One of the 5-6 month old kittens was a gorgeous Himalayan/Siamese mix, which happily Union County was able to take. The cats were all terrified, but did not seem feral. It became pretty obvious that this poor lady had been feeding all the cats in her very nice housing development. The neighbors brought her kittens when they found them and because she put food out, all the strays came her way. She had a huge heart, but should have been fixing the cats as she took them in.
Right now she was very overwhelmed and afraid for the cats–afraid that they were all going to be killed.
Besides us and Teresa from the Ohio SPCA, the only group that had responded to the lady’s pleas for help was Wyandot County’s Humane Society, which I learned takes in cats from the whole state to get them out of horrible situations. But, because they do that, most of the cats are euthanized.

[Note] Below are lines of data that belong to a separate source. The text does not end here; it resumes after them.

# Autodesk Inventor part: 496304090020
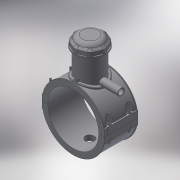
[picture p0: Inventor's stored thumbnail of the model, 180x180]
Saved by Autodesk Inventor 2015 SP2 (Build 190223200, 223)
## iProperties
Created: 2017-07
Part Number: 496304090020
Material: Generic
Description: PLASSON TAPPING SADDLE 90x20
Document SubType Name: Modeling
Designer: KIM
Mass: 571.454 g
Surface Area: 1449.71 cm^2
Volume: 571.454 cm^3
Density: 1 g/cm^3
Appearance: Default
Author: KIM
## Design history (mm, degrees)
derived "496304.ipt"
feature "Solid1::496304.ipt"
feature "Solid2::496304.ipt"
feature "Solid4::496304.ipt"
feature "Solid5::496304.ipt"
tag "TaggingFeature1"
body "Solid1"
body "Solid2"
other parameters: "d2" = 126, "d3" = 22.5, "d4" = 118, "d5" = 0, "d6" = 0.1, "d8" = 0, "d19" = 6, "d20" = 6, "d21" = 70.8, "d23" = 0, "d24" = 35.4, "d26" = 0, "d29" = 3, "d31" = 6, "d32" = 0, "d33" = 0, "d34" = 0.6, "d40" = 58.032, "d41" = 63, "d43" = 0, "d45" = 0, "d47" = 126.6, "d70" = 15, "d72" = 0, "d73" = 6, "d75" = 5, "d76" = 0, "d77" = 4.5, "d78" = 75, "d79" = 15, "d80" = 47.2, "d82" = 5 deg, "d84" = 4, "d85" = 14, "d86" = 0, "d87" = 3, "d88" = 0, "d89" = 1, "d90" = 1, "d91" = 94.4, "d92" = 0, "d93" = 0.5, "d94" = 47.36842, "d96" = 113.832, "d97" = 2.36, "d98" = 0, "d102" = 0.9, "d120" = 140 deg, "d121" = 24.228, "d122" = 20 deg, "d123" = 223.2, "d124" = 66.96, "d126" = 0, "d143" = 92.7, "d145" = 16.61538, "d149" = 1.35, "d150" = 18.27692, "d153" = 118, "d154" = 0, "d156" = 55.8, "d157" = 160 deg, "d159" = 4.32, "d161" = 1.35, "d162" = 70.8, "d163" = 0, "d164" = 45, "d167" = 9, "d168" = 54.43902, "d170" = 3.375, "d172" = 0, "d173" = 1, "d175" = 45, "d176" = 20 deg, "d177" = 6.3, "d178" = 21.6, "d180" = 0, "d183" = 8.64, "d184" = 5.04, "d185" = 38.35, "d186" = 38.35, "d187" = 55.8, "d188" = 6.48, "d189" = 6.3, "d190" = 0, "d191" = 83.7, "d193" = 6.3, "d194" = 4.13, "d195" = 90 deg, "d197" = 0, "d199" = 0, "d200" = 10.8, "d202" = 0, "d203" = 114, "d204" = 59.85, "d205" = 44.1, "d206" = 53.55, "d207" = 85.5, "d208" = 88.92, "d209" = 106.02, "d210" = 54.18, "d211" = 63, "d212" = 50.4, "d213" = 5.4, "d216" = 0, "d217" = 9, "d218" = 9, "d219" = 1.8, "d224" = 0, "d230" = 5.4, "d233" = 6, "d236" = 63, "d237" = 35.4, "d238" = 6.02433, "d240" = 35.4, "d241" = 35.4, "d242" = 35.4, "d243" = 6, "d244" = 35.4, "d245" = 35.4, "d246" = 35.4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
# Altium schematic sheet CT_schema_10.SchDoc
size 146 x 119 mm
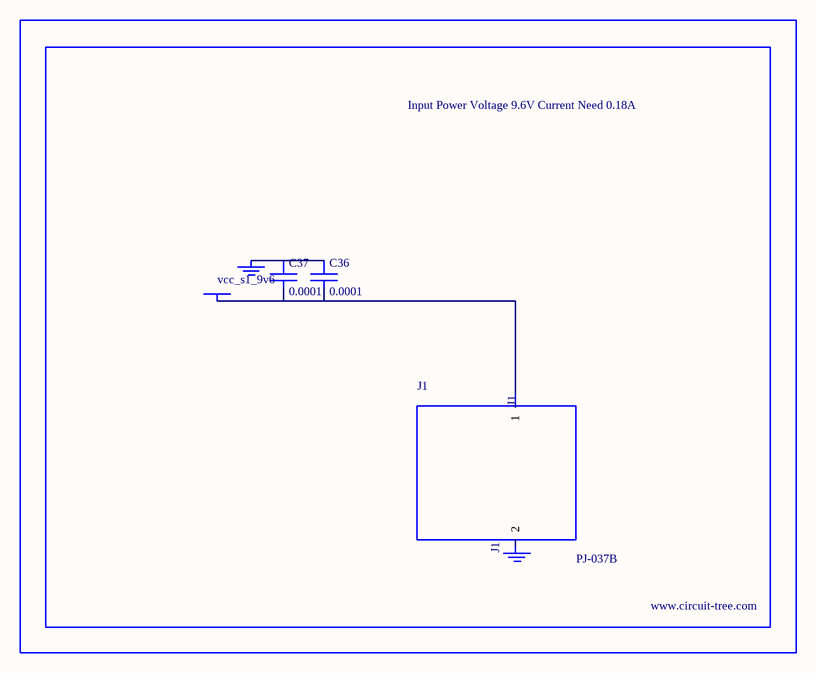
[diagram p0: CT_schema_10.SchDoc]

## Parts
BORDER9  (no value)
C36  0.0001  [EXV-9H]
C37  0.0001  [EXV-9H]
GND_INSTANCE_9_0  (no value)
GND_INSTANCE_9_1  (no value)
J1  PJ-037B  [PJ-037B_PACKAGE]
POWER_INSTANCE_9_0  vcc_s1_9v6

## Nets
NetC36_1: C36.1 C37.1 GND_INSTANCE_9_0.0(GND)
NetC36_2: C36.2 C37.2 J1.1 POWER_INSTANCE_9_0.0(PWR)

Not connected (* = marked no-connect by the designer): GND_INSTANCE_9_1 0(GND); J1 2

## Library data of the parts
BORDER9 = BORDER_PAGE9
C36 C37 = EDK107M035A9HAA
GND_INSTANCE_9_0 GND_INSTANCE_9_1 = GND
POWER_INSTANCE_9_0 = PWR

Carol and I gathered up the four kittens and the mother cat with the two litters and left the property. I had to return in the morning to take any captured cats to Capital for their clinic day on Friday. On our way home, Carol and I stopped at the Union County Humane Society. They took everyone except two of the older kittens that had upper respiratory infections, fearing they would infect the whole shelter.
When Bobbie and I arrived back the next day, along with a very nice volunteer, Claudia, from Capital, the lady had been able to catch twenty-one cats. One of those, a Maine Coon, went to Noah’s Ark. The lady also gathered up a mother cat who had just had a litter of four kittens the day before. They were so new to this world that their umbilical cords were still attached. They went into foster care with a volunteer from Union County.
Happily, Capital Area was able to fix, vaccinate, and deworm all of the cats, and even give long acting antibiotic shots to several of the cats that had more serious upper respiratory infections. We were able to place nine of them in barn homes and only ten cats returned to the lady’s property.
Within the next few weeks, the lady plans to catch the remaining fifteen cats so they can also be fixed and vaccinated. Capital Area has kindly agreed to also fix all of those for the lady at no charge. I cannot thank Capital Area Humane Society enough for all that they did to help these cats.
The Health Department inspector is also very happy about the situation. While he still wants the number of cats to decrease, he is allowing us more time to work on this very large project.
This story proves that when several people and groups all work together, insurmountable obstacles can be overcome.